In R v A, the House of Lords considered whether S.41 of the Youth Justice and Criminal Evidence Act
1999 (YJCEA) was breaching the defendant’s Article 6 right to a fair trial. The courts were aware that
S.41 might be contrary to Article 6 if an accused was not permitted to put evidence before the court
about consensual sexual relations. Depriving the accused of this right could be a breach of a right to a
fair trial, HOL made use of S.3 HRA to allow S.41 YJCEA to be read as allowing the admission of evidence
or questioning related to a relevant issue in the case where it was considered necessary by the trial
judge to make the trial fair.

In Ghaidan v Godin-Mendoza, the defendant argued that the Rent Act 1977 was discriminating against
him as a homosexual by depriving him of rights over the flat of his deceased partner. In Fitzpatrick v
Sterling House Association Ltd (2001), the HOL had recognized the rights of such individuals to claim as
a member of the family but declined to allow them to in her it statutory tenancies on the grounds that
they could not be considered to be the wife or husband of the deceased as the Act required. The COA
held that the Act had infringed the defendant’s rights under Articles 8 and 14. The Court of Appeal then
used S.3 HRA to read the Act in a broad way, allowing the defendant to take over the tenancy of the flat.
And this ruling was affirmed by the HOL.

It is noteworthy that If this gets impossible, parliament has given the judiciary carte blanche to
determine when it is impossible to interpret statutes in a manner compatible with Convention rights to
issue a Declaration of Incompatibility (Section 4) , Bellinger v Bellinger. These are intended to be used
as a last resort but with no effect on the outcome of the case illustrated by R (Carson) v. Secretary of
State for Work & Pensions [2005]. This reflects that English courts have no power to declare AOP
invalid. There is no legal obligation to take action against the incompatibility, nevertheless this may lead
to provision being amended or repealed by parliament. The first DOI was issued in R v Mental Health
Review where it was held that Sec 72 and 73 of Mental Health Act 1983 was incompatible with Art 5
and 4 of ECHR. This is further encapsulated in recent case of Re Northern Ireland HR Commission
Application for Judicial Review 2015. The leading case of DOI is A v Secretary of State for Home
Department concerning the detention of foreign nationals suspected as international terrorists under
Anti Terrorism Crime and Security Act 2001.
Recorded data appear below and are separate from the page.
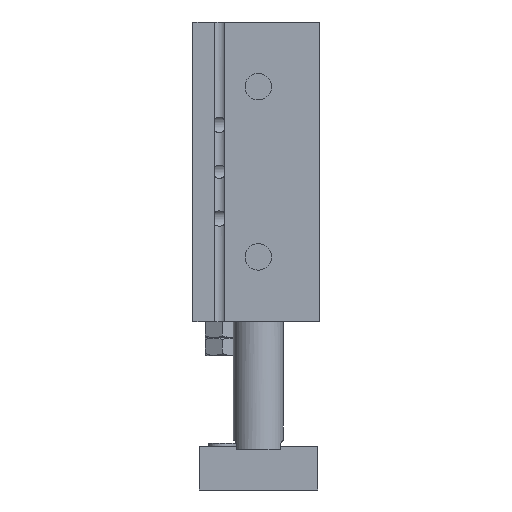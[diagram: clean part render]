
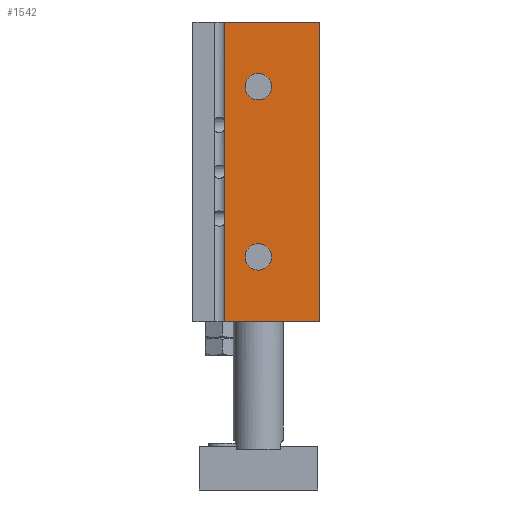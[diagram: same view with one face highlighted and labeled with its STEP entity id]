
A CAD part, front view. The second image highlights one B-rep face of the part: STEP entity #1542.
In plain terms, the highlighted planar face has unit normal (0, -1, 0).
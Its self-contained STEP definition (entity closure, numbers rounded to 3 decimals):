
#1380=CARTESIAN_POINT('',(-11.,-48.,150.0));
#1381=VERTEX_POINT('',#1380);
#1389=CARTESIAN_POINT('',(-11.,-48.,54.));
#1390=VERTEX_POINT('',#1389);
#1397=CARTESIAN_POINT('',(-11.,-48.,150.0));
#1398=DIRECTION('',(0.0,0.0,-1.0));
#1399=VECTOR('',#1398,96.);
#1400=LINE('',#1397,#1399);
#1401=EDGE_CURVE('',#1381,#1390,#1400,.T.);
#1490=CARTESIAN_POINT('',(19.5,-48.,54.));
#1491=DIRECTION('',(0.0,-1.0,0.0));
#1492=DIRECTION('',(0.0,0.0,-1.0));
#1493=AXIS2_PLACEMENT_3D('',#1490,#1491,#1492);
#1494=PLANE('',#1493);
#1495=ORIENTED_EDGE('',*,*,#1401,.T.);
#1496=CARTESIAN_POINT('',(19.5,-48.,54.));
#1497=VERTEX_POINT('',#1496);
#1498=CARTESIAN_POINT('',(19.5,-48.,54.));
#1499=DIRECTION('',(-1.0,0.0,0.0));
#1500=VECTOR('',#1499,30.5);
#1501=LINE('',#1498,#1500);
#1502=EDGE_CURVE('',#1497,#1390,#1501,.T.);
#1503=ORIENTED_EDGE('',*,*,#1502,.F.);
#1504=CARTESIAN_POINT('',(19.5,-48.,150.0));
#1505=VERTEX_POINT('',#1504);
#1506=CARTESIAN_POINT('',(19.5,-48.,54.));
#1507=DIRECTION('',(0.0,0.0,1.0));
#1508=VECTOR('',#1507,96.0);
#1509=LINE('',#1506,#1508);
#1510=EDGE_CURVE('',#1497,#1505,#1509,.T.);
#1511=ORIENTED_EDGE('',*,*,#1510,.T.);
#1512=CARTESIAN_POINT('',(19.5,-48.,150.0));
#1513=DIRECTION('',(-1.0,0.0,0.0));
#1514=VECTOR('',#1513,30.5);
#1515=LINE('',#1512,#1514);
#1516=EDGE_CURVE('',#1505,#1381,#1515,.T.);
#1517=ORIENTED_EDGE('',*,*,#1516,.T.);
#1518=EDGE_LOOP('',(#1495,#1503,#1511,#1517));
#1519=FACE_OUTER_BOUND('',#1518,.T.);
#1520=CARTESIAN_POINT('',(4.25,-48.,129.3));
#1521=VERTEX_POINT('',#1520);
#1522=CARTESIAN_POINT('',(0.0,-48.,129.3));
#1523=DIRECTION('',(0.0,1.0,0.0));
#1524=DIRECTION('',(-1.0,0.0,0.0));
#1525=AXIS2_PLACEMENT_3D('',#1522,#1523,#1524);
#1526=CIRCLE('',#1525,4.25);
#1527=EDGE_CURVE('',#1521,#1521,#1526,.T.);
#1528=ORIENTED_EDGE('',*,*,#1527,.T.);
#1529=EDGE_LOOP('',(#1528));
#1530=FACE_BOUND('',#1529,.T.);
#1531=CARTESIAN_POINT('',(4.25,-48.,74.7));
#1532=VERTEX_POINT('',#1531);
#1533=CARTESIAN_POINT('',(0.0,-48.,74.7));
#1534=DIRECTION('',(0.0,1.0,0.0));
#1535=DIRECTION('',(-1.0,0.0,0.0));
#1536=AXIS2_PLACEMENT_3D('',#1533,#1534,#1535);
#1537=CIRCLE('',#1536,4.25);
#1538=EDGE_CURVE('',#1532,#1532,#1537,.T.);
#1539=ORIENTED_EDGE('',*,*,#1538,.T.);
#1540=EDGE_LOOP('',(#1539));
#1541=FACE_BOUND('',#1540,.T.);
#1542=ADVANCED_FACE('',(#1519,#1530,#1541),#1494,.T.);

In conclusion, my notion after examination of key cases is that statutory interpretation has been greatly
modified by the Sec 3 and 4. Its impact on statutory interpretation appears at first glance to be relatively
straightforward. These changes are so significant that it could be described as revolutionary. The
rationale behind this is that the courts are fleshing out their constitutional role by developing new
techniques of SI in order to give effect to Convention rights, and by delineating the circumstances in
which they will issue a declaration of incompatibility. These new techniques have brought far-reaching
changes which are of interest to common law system. Sir Jack Beatson has observed extracurially that
section 3 ‘makes statutory provision more like common law doctrine’, due to the relative decline in
importance of the statutory text and the increased importance of Convention case law in determining
the interpretation that a court ultimately adopts.